Required work:
Beginning at the line that holds "#657 = DIRECTION", copy the material below exactly through its last line.

*** Opening Data provided ***

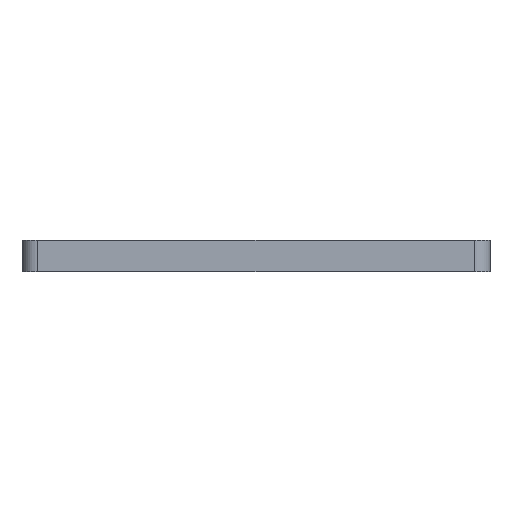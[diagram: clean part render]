
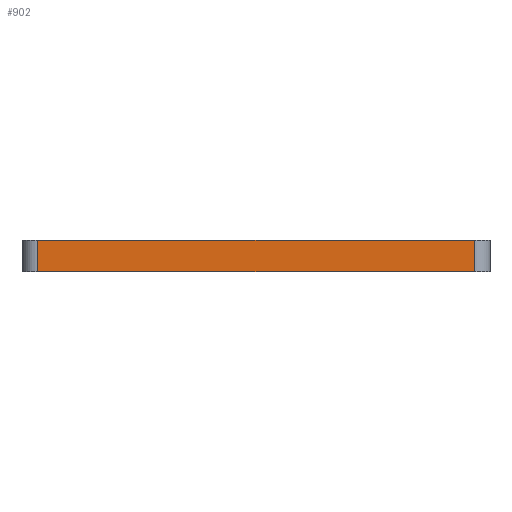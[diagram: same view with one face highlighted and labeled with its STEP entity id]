
A CAD part, left-side view. The second image highlights one B-rep face of the part: STEP entity #902.
In plain terms, the highlighted planar face has unit normal (-1, 0, 0).
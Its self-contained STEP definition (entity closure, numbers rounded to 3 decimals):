
#124 = VERTEX_POINT ( 'NONE', #372 ) ;
#134 = VERTEX_POINT ( 'NONE', #373 ) ;
#137 = EDGE_CURVE ( 'NONE', #124, #134, #409, .T. ) ;
#372 = CARTESIAN_POINT ( 'NONE',  ( -90., 42., 6. ) ) ;
#373 = CARTESIAN_POINT ( 'NONE',  ( -90., -42., 6. ) ) ;
#408 = VECTOR ( 'NONE', #418, 1000. ) ;
#409 = LINE ( 'NONE', #415, #408 ) ;
#415 = CARTESIAN_POINT ( 'NONE',  ( -90., -45., 6. ) ) ;
#418 = DIRECTION ( 'NONE',  ( 0., -1., 0. ) ) ;
#569 = CARTESIAN_POINT ( 'NONE',  ( -90., 42., 0. ) ) ;
#574 = CARTESIAN_POINT ( 'NONE',  ( -90., -42., 0. ) ) ;
#589 = CARTESIAN_POINT ( 'NONE',  ( -90., 42., 6. ) ) ;
#594 = VECTOR ( 'NONE', #615, 1000. ) ;
#595 = LINE ( 'NONE', #589, #594 ) ;
#615 = DIRECTION ( 'NONE',  ( 0., 0., -1. ) ) ;
#636 = DIRECTION ( 'NONE',  ( 0., 0., 1. ) ) ;
#637 = VECTOR ( 'NONE', #636, 1000. ) ;
#638 = LINE ( 'NONE', #646, #637 ) ;
#643 = DIRECTION ( 'NONE',  ( 0., -1., 0. ) ) ;
#644 = VECTOR ( 'NONE', #643, 1000. ) ;
#645 = CARTESIAN_POINT ( 'NONE',  ( -90., -45., 0. ) ) ;
#646 = CARTESIAN_POINT ( 'NONE',  ( -90., -42., 6. ) ) ;
#649 = LINE ( 'NONE', #645, #644 ) ;
#656 = DIRECTION ( 'NONE',  ( 0., 0., -1. ) ) ;
#657 = DIRECTION ( 'NONE',  ( 1., 0., 0. ) ) ;
#658 = CARTESIAN_POINT ( 'NONE',  ( -90., -45., 6. ) ) ;
#660 = PLANE ( 'NONE',  #672 ) ;
#661 = FACE_OUTER_BOUND ( 'NONE', #865, .T. ) ;
#672 = AXIS2_PLACEMENT_3D ( 'NONE', #658, #657, #656 ) ;
#830 = VERTEX_POINT ( 'NONE', #574 ) ;
#834 = VERTEX_POINT ( 'NONE', #569 ) ;
#857 = EDGE_CURVE ( 'NONE', #124, #834, #595, .T. ) ;
#861 = EDGE_CURVE ( 'NONE', #834, #830, #649, .T. ) ;
#864 = EDGE_CURVE ( 'NONE', #830, #134, #638, .T. ) ;
#865 = EDGE_LOOP ( 'NONE', ( #867, #871, #869, #879 ) ) ;
#867 = ORIENTED_EDGE ( 'NONE', *, *, #861, .T. ) ;
#869 = ORIENTED_EDGE ( 'NONE', *, *, #137, .F. ) ;
#871 = ORIENTED_EDGE ( 'NONE', *, *, #864, .T. ) ;
#879 = ORIENTED_EDGE ( 'NONE', *, *, #857, .T. ) ;
#902 = ADVANCED_FACE ( 'NONE', ( #661 ), #660, .F. ) ;

*** Closing Data provided ***

Response for this exercise:
#657 = DIRECTION ( 'NONE',  ( 1., 0., 0. ) ) ;
#658 = CARTESIAN_POINT ( 'NONE',  ( -90., -45., 6. ) ) ;
#660 = PLANE ( 'NONE',  #672 ) ;
#661 = FACE_OUTER_BOUND ( 'NONE', #865, .T. ) ;
#672 = AXIS2_PLACEMENT_3D ( 'NONE', #658, #657, #656 ) ;
#830 = VERTEX_POINT ( 'NONE', #574 ) ;
#834 = VERTEX_POINT ( 'NONE', #569 ) ;
#857 = EDGE_CURVE ( 'NONE', #124, #834, #595, .T. ) ;
#861 = EDGE_CURVE ( 'NONE', #834, #830, #649, .T. ) ;
#864 = EDGE_CURVE ( 'NONE', #830, #134, #638, .T. ) ;
#865 = EDGE_LOOP ( 'NONE', ( #867, #871, #869, #879 ) ) ;
#867 = ORIENTED_EDGE ( 'NONE', *, *, #861, .T. ) ;
#869 = ORIENTED_EDGE ( 'NONE', *, *, #137, .F. ) ;
#871 = ORIENTED_EDGE ( 'NONE', *, *, #864, .T. ) ;
#879 = ORIENTED_EDGE ( 'NONE', *, *, #857, .T. ) ;
#902 = ADVANCED_FACE ( 'NONE', ( #661 ), #660, .F. ) ;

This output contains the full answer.